Figure 1.
Comparative analysis of MCF-7 cell viability, cell number and mitochondrial activity.
Cells were treated with 5 mM IPTG, 10 nM ICI 182780, 5 µM FTY720, or serum deprived (serum free) 48 h post-seeding. Using the Trypan Blue exclusion method cells were harvested and viable cells counted using a haemocytometer at days indicated. MTS and SYBR-DNA assays were performed, as detailed in materials and methods, at days indicated. The treatment results are shown as a percentage of the uninduced vehicle control (±SE) correlating with viable cell number (Trypan blue counts), colorimetric measurement (MTS), and fluorescent intensity (SYBR assay). Each experiment was performed in triplicate at least 3 times with similar results.
Figure 2.
Flow cytometric analysis of cell cycle phases post ICI 182780 and IPTG treatment.
Cells were treated with 10 nM ICI 182780 or 5 mM IPTG (p14ARF-induction) 48 h post seeding. At 48 h post-treatment cells were harvested, stained with propidium iodide solution as described in materials and methods and analysed for cell cycle distribution by flow cytometry using Modfit software. A. Fluorescence histograms showing cell cycle distribution of control, IPTG and ICI 182780 treated MCF-7 cells (representative experiment). B. Representative column graph showing the percentage of cells (± SD) in each cell cycle. This experiment was performed three times with three different cell lines showed similar results.
Figure 3.
EdU incorporation post ICI 182780 and IPTG (p14ARF) treatment.
Cells were seeded on cover slips and treated with 5 mM IPTG or 10 nM ICI 182780 24 h post-seeding. EdU was added to the medium on days 1 and 4 and cells were incubated for a further 20 h. EdU incorporation was visualized by staining with Alexafluor 488 (green). The nucleus was stained with Hoechst 33342 (blue) and images were taken on a Nikon fluorescence microscope (magnification ×200). Column graph shows % cells staining for EdU compared to Hoechst 33342 stained nuclei (± SE). Experiments were performed in triplicate (duplicate biological experiments). A minimum of 500 cells was counted for each treatment.
Figure 4.
ICI 182780 and p14ARF increase mitochondria activity.
Cells were treated with 10 nM ICI 182780 (A) or 5 mM IPTG (B), 48 h post seeding. At 72 h post treatment cells were counted (see inset) and equal number of cells plated in 96 well plates. Mitochondrial activity was measured using the MTS assay. Treatment results were presented as percentage of control (± SE) in column graphs. Each experiment was performed in duplicate at least 3 times.
Figure 5.
Induction of p14ARF increases mitochondrial biomass and maintains membrane potential.

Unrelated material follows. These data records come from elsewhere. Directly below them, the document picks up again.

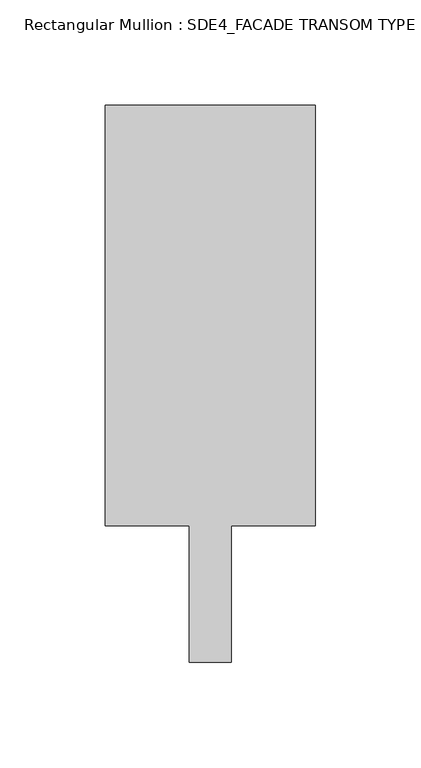
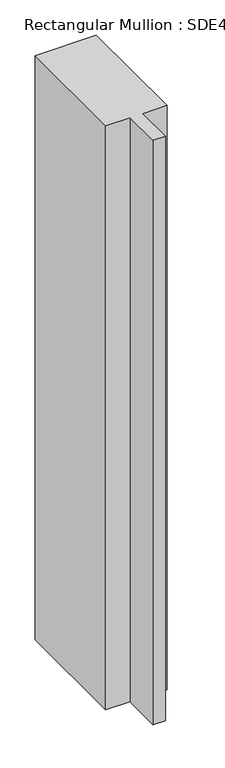
"""IFC4 building model written with IfcOpenShell, lengths in millimetres: member geometry, Rectangular Mullion : SDE4_FACADE TRANSOM TYPE 2."""

from ifc_helpers import new_model, si_unit, frame, origin, place, context, project, spatial, polyline, outline, extrude, source, transform, mapped, element, save


def rectangular_mullion_sde4_facade_transom_type_2_b5a14d3c(model_context):
    return source(origin(), model_context, "Body", "SweptSolid", [
        extrude(outline(polyline([(50.0, 132.5), (50.0, -67.5), (10.0, -67.5), (10.0, -132.5), (-10.0, -132.5), (-10.0, -67.5), (-50.0, -67.5), (-50.0, 132.5), (50.0, 132.5)])), frame((0.0, 0.0, -1010.0), z_axis=(0.0, 0.0, 1.0), x_axis=(1.0, 0.0, 0.0)), (0.0, 0.0, 1.0), 1010.0),
    ])


if __name__ == "__main__":
    model = new_model("IFC4")
    model_context = context("Model", 3, world=origin())
    ifc_project = project(units=[si_unit("LENGTHUNIT", "METRE", prefix="MILLI")], contexts=[model_context])
    site = spatial("IfcSite", under=ifc_project)
    building = spatial("IfcBuilding", under=site)
    placement = place(None, origin())
    rectangular_mullion_sde4_facade_transom_type_2_shape = rectangular_mullion_sde4_facade_transom_type_2_b5a14d3c(model_context)
    element("IfcMember", 1, ObjectType="Rectangular Mullion : SDE4_FACADE TRANSOM TYPE 2", at=placement, inside=building, context=model_context, shape_type="MappedRepresentation", body=[
        mapped(rectangular_mullion_sde4_facade_transom_type_2_shape, transform((0.0, 0.0, 0.0), x_axis=(1.0, 0.0, 0.0), y_axis=(0.0, 1.0, 0.0), z_axis=(0.0, 0.0, 1.0))),
    ])
    save(model, "model.ifc")

# Revit data of these elements
# Type "Rectangular Mullion : SDE4_FACADE TRANSOM TYPE 2"
#   built-in parameter 1007322 = 0.869423 (stored number, unit not read)
#   built-in parameter 1007321 = 0.164042 (stored number, unit not read)
#   built-in parameter 1007320 = 0.164042 (stored number, unit not read)

A. Cells were treated with 5 mM IPTG 48 h post-seeding. At day 3 post-IPTG treatment, live cells were incubated with Mitotracker (red), CellTracker (green) and Hoechst 33342 (blue) and imaged using an inverted fluorescent microscope (magnification ×400). Cells treated with IPTG noticeably increased in size. B. Images processed by high content imaging (magnification ×200) and mitochondria (per cell) counted using BD Attovision™ software. C. Cells were treated with 5 mM IPTG 48 h post-seeding. On day 3 post-IPTG-treatment cells were stained with TMRE for 15 min (+), or left unstained (−) and run through a flow cytometer (IPTG = black, control = white). TMRE-IPTG-treated cells showed increased fluorescence intensity compared to the TMRE-control cells, which is indicative of an increase in ΔΨmt in IPTG-treated cells. D. The median FL2 relative fluorescence units (RFU) of control and IPTG treated cells (day 3) were determined by flow cytometry. The column graph shows the median RFU of TMRE-stained cells minus unstained cells (±SE). This experiment was performed at least twice in triplicate.